In my mind, I see and hear the Christmas Train with its tan wooden boxcars chugging around beneath our Christmas tree. I smell the sooty smoke puffs of its engine and the machine oil from its wheels. For those seven magical years spent growing up on Flamingo, the train was as much a tradition as picking out and cutting the tree. Christmas was the only time we saw the train all year.

After lights were strung on the tree, all the handmade ornaments by us kids placed low, the irreplaceable ornaments placed up high, and angel arranged on top, it was time for the last item to be brought out to finish the tree’s decorations. Dad assembled the Christmas Train.

That’s what us kids called it because the train only came out during Christmas. Dad never really talked about where he got the American Flyer from, or if he did I simply don’t remember.
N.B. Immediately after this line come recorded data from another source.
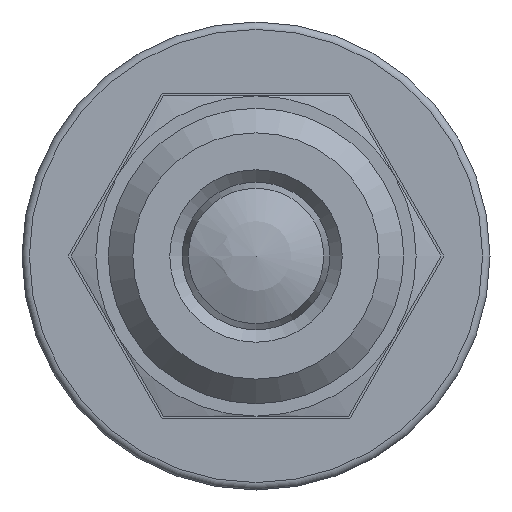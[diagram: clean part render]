
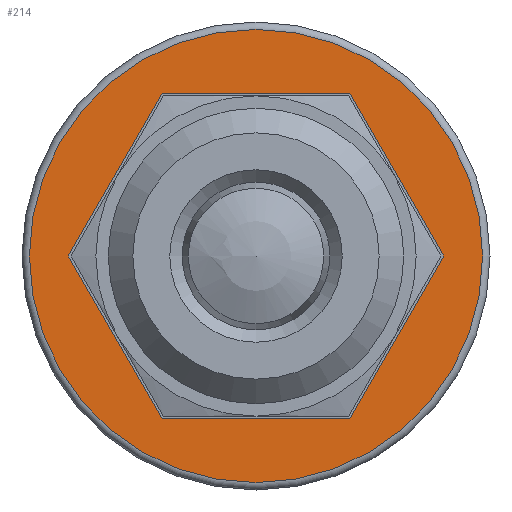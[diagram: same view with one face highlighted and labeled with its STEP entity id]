
A CAD part, front view. The second image highlights one B-rep face of the part: STEP entity #214.
In plain terms, the highlighted planar face has unit normal (0, -1, 0).
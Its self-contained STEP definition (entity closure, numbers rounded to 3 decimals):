
#214 = ADVANCED_FACE( '', ( #355, #356 ), #357, .F. );
#355 = FACE_BOUND( '', #558, .T. );
#356 = FACE_OUTER_BOUND( '', #559, .T. );
#357 = PLANE( '', #560 );
#558 = EDGE_LOOP( '', ( #867, #868, #869, #870, #871, #872 ) );
#559 = EDGE_LOOP( '', ( #873 ) );
#560 = AXIS2_PLACEMENT_3D( '', #874, #875, #876 );
#867 = ORIENTED_EDGE( '', *, *, #1038, .F. );
#868 = ORIENTED_EDGE( '', *, *, #1039, .F. );
#869 = ORIENTED_EDGE( '', *, *, #1040, .F. );
#870 = ORIENTED_EDGE( '', *, *, #1041, .F. );
#871 = ORIENTED_EDGE( '', *, *, #1042, .F. );
#872 = ORIENTED_EDGE( '', *, *, #1027, .F. );
#873 = ORIENTED_EDGE( '', *, *, #1043, .T. );
#874 = CARTESIAN_POINT( '', ( 9.2, 23., 0. ) );
#875 = DIRECTION( '', ( 0., 1., 0. ) );
#876 = DIRECTION( '', ( 0., 0., 1. ) );
#1027 = EDGE_CURVE( '', #1164, #1165, #1166, .T. );
#1038 = EDGE_CURVE( '', #1185, #1164, #1186, .T. );
#1039 = EDGE_CURVE( '', #1187, #1185, #1188, .T. );
#1040 = EDGE_CURVE( '', #1189, #1187, #1190, .T. );
#1041 = EDGE_CURVE( '', #1191, #1189, #1192, .T. );
#1042 = EDGE_CURVE( '', #1165, #1191, #1193, .T. );
#1043 = EDGE_CURVE( '', #1194, #1194, #1195, .T. );
#1164 = VERTEX_POINT( '', #1432 );
#1165 = VERTEX_POINT( '', #1433 );
#1166 = LINE( '', #1434, #1435 );
#1185 = VERTEX_POINT( '', #1462 );
#1186 = LINE( '', #1463, #1464 );
#1187 = VERTEX_POINT( '', #1465 );
#1188 = LINE( '', #1466, #1467 );
#1189 = VERTEX_POINT( '', #1468 );
#1190 = LINE( '', #1469, #1470 );
#1191 = VERTEX_POINT( '', #1471 );
#1192 = LINE( '', #1472, #1473 );
#1193 = LINE( '', #1474, #1475 );
#1194 = VERTEX_POINT( '', #1476 );
#1195 = CIRCLE( '', #1477, 9.2 );
#1432 = CARTESIAN_POINT( '', ( 3.811, 23., 6.6 ) );
#1433 = CARTESIAN_POINT( '', ( -3.811, 23., 6.6 ) );
#1434 = CARTESIAN_POINT( '', ( 3.811, 23., 6.6 ) );
#1435 = VECTOR( '', #1615, 1000. );
#1462 = CARTESIAN_POINT( '', ( 7.621, 23., 0. ) );
#1463 = CARTESIAN_POINT( '', ( 7.621, 23., 0. ) );
#1464 = VECTOR( '', #1630, 1000. );
#1465 = CARTESIAN_POINT( '', ( 3.811, 23., -6.6 ) );
#1466 = CARTESIAN_POINT( '', ( 3.811, 23., -6.6 ) );
#1467 = VECTOR( '', #1631, 1000. );
#1468 = CARTESIAN_POINT( '', ( -3.811, 23., -6.6 ) );
#1469 = CARTESIAN_POINT( '', ( -3.811, 23., -6.6 ) );
#1470 = VECTOR( '', #1632, 1000. );
#1471 = CARTESIAN_POINT( '', ( -7.621, 23., 0. ) );
#1472 = CARTESIAN_POINT( '', ( -7.621, 23., 0. ) );
#1473 = VECTOR( '', #1633, 1000. );
#1474 = CARTESIAN_POINT( '', ( -3.811, 23., 6.6 ) );
#1475 = VECTOR( '', #1634, 1000. );
#1476 = CARTESIAN_POINT( '', ( 0., 23., -9.2 ) );
#1477 = AXIS2_PLACEMENT_3D( '', #1635, #1636, #1637 );
#1615 = DIRECTION( '', ( -1., 0., 0. ) );
#1630 = DIRECTION( '', ( -0.5, 0., 0.866 ) );
#1631 = DIRECTION( '', ( 0.5, 0., 0.866 ) );
#1632 = DIRECTION( '', ( 1., 0., 0. ) );
#1633 = DIRECTION( '', ( 0.5, 0., -0.866 ) );
#1634 = DIRECTION( '', ( -0.5, 0., -0.866 ) );
#1635 = CARTESIAN_POINT( '', ( 0., 23., 0. ) );
#1636 = DIRECTION( '', ( 0., -1., 0. ) );
#1637 = DIRECTION( '', ( 0., 0., -1. ) );

I was too busy fighting with my brothers to see who would be next to play with it to actually care about the train’s origin.

The train had everything a train set for a kid should have. The Franklin engine had a black boiler with a red smoke stack that puffed real smoke! The stack was trimmed with gold and the cab and tender with both red and green. We had five frontier boxcars, a red caboose, sections of tracks both straight and curved, tunnels, bridge trestles, rail crossing arms and signage, a miniature conductor and a train station.

The wood doors of the box cars actually slid opened, warning lights at the rail crossing turned on as the train approached, the rail arm descended blocking the roadway, and a gong sounded. A large black transformer with one central red switch supplied power to the train set.

Therein lay the problem. Electricity and kids usually don’t play well together. In our case, it certainly was true.

The transformer supplied power to the engine by way of the train tracks. If either rail was accidentally touched, or a hand of one of my brothers was “accidentally” placed on it by another, then a powerful shock would occur. The electrical shock would be strong enough to leave the arm tingling for a few minutes, but more importantly, render it useless in any retaliation.

Playing with the train and fighting with my brothers over whose turn was next was one of my fondest memories of those seven Christmases spent on Flamingo.

After Christmas, the train was the first item to be disassembled. Dad stored it in a large cardboard box with a single word written on the side in black marker – TRAIN. When we moved away from Flamingo, that box and the train inside was one of two things we all lost forever.

My dad has been a part of my Christmas for 59 years. This will be the first he will not be there either in person or by phone call.

When he passed in July, it was Big Brother James and me who were charged with the laborious task of going through his house and either packing up items or discarding them. The task was both physical and emotionally draining. We quickly realized sorting through every item would take much longer than we were afforded.

At the end of the week, a cursory examination of items left in his attic was done and then boxes upon boxes were loaded, moved, and soon forgotten about. But as rushed as we were, I made it a point to search every cardboard box for a now faded black marking on the side that read – TRAIN.

It was not to be. No such box existed. The train, and my father, were now gone forever and Christmas will never be the same.

I understand how the train box could’ve been lost. As best as I can remember since we left Flamingo, my parents had moved six additional times.

As an adult, I have moved 16 times and some stuff will never be found. Once I asked Dad if he remembered the Christmas Train and possibly where it had been stored.

He turned away and said sadly, “No. That was the last Christmas with your oldest brother Richard. We moved right after he passed. We lost a lot that year.”

Last weekend our family ventured out into the cold and snow, selected a fat Christmas tree with our granddaughters, Little One and Sweet Caroline, who live with us.

After waiting a day for it to open up on our front porch, I made a fresh cut on the bottom, dragged it into the house and secured it into the tree stand. The girls shook loose pine needles off the lower limbs as The Wife and I retrieved 10 large plastic containers, five purple and five green, from the back corner of the basement.

Each plastic container had one of the following words written on the side in black marker: lights, ornaments, nutcrackers, nativity display, or tablecloths and plates. It took most of three days, but with the girls’ help, our tree and house were almost ready for a visit from Santa.

After the last exciting day of decorating and an evening cup of not-so-hot hot chocolate, The Wife and I put the girls to bed and started to clean up. While storing the empty plastic containers back in the basement, I noticed an overlooked and unmarked green plastic container.

Assuming it was full of lights, ornaments, or more oversized nutcrackers, I took it upstairs and set it behind the tree. Life got busy and the container remained unopened. Meanwhile, the girls threw a blanket over it and a battleground was drawn. The war between the Barbies and dinosaurs was epic and lingered for two days. Finally our hectic life settled down and it was time to finish our decorations of the tree and house. I looked into the last unmarked plastic box.

Inside the plastic box was a tattered, brown cardboard box. On the side, in faded black marker, was the word: TRAIN.

After 50 years, the Christmas Train will chug around its track under our tree, and the tradition will continue with our two granddaughters. In spirit, Dad will be here watching the Christmas Train on its journey making his great granddaughters happy and he’ll be smiling.

A Christmas Train, an Elf on a Shelf, a special star or handmade decorations — whatever your holiday traditions are, The Wife and I wish you a Merry Christmas and a happy New Year.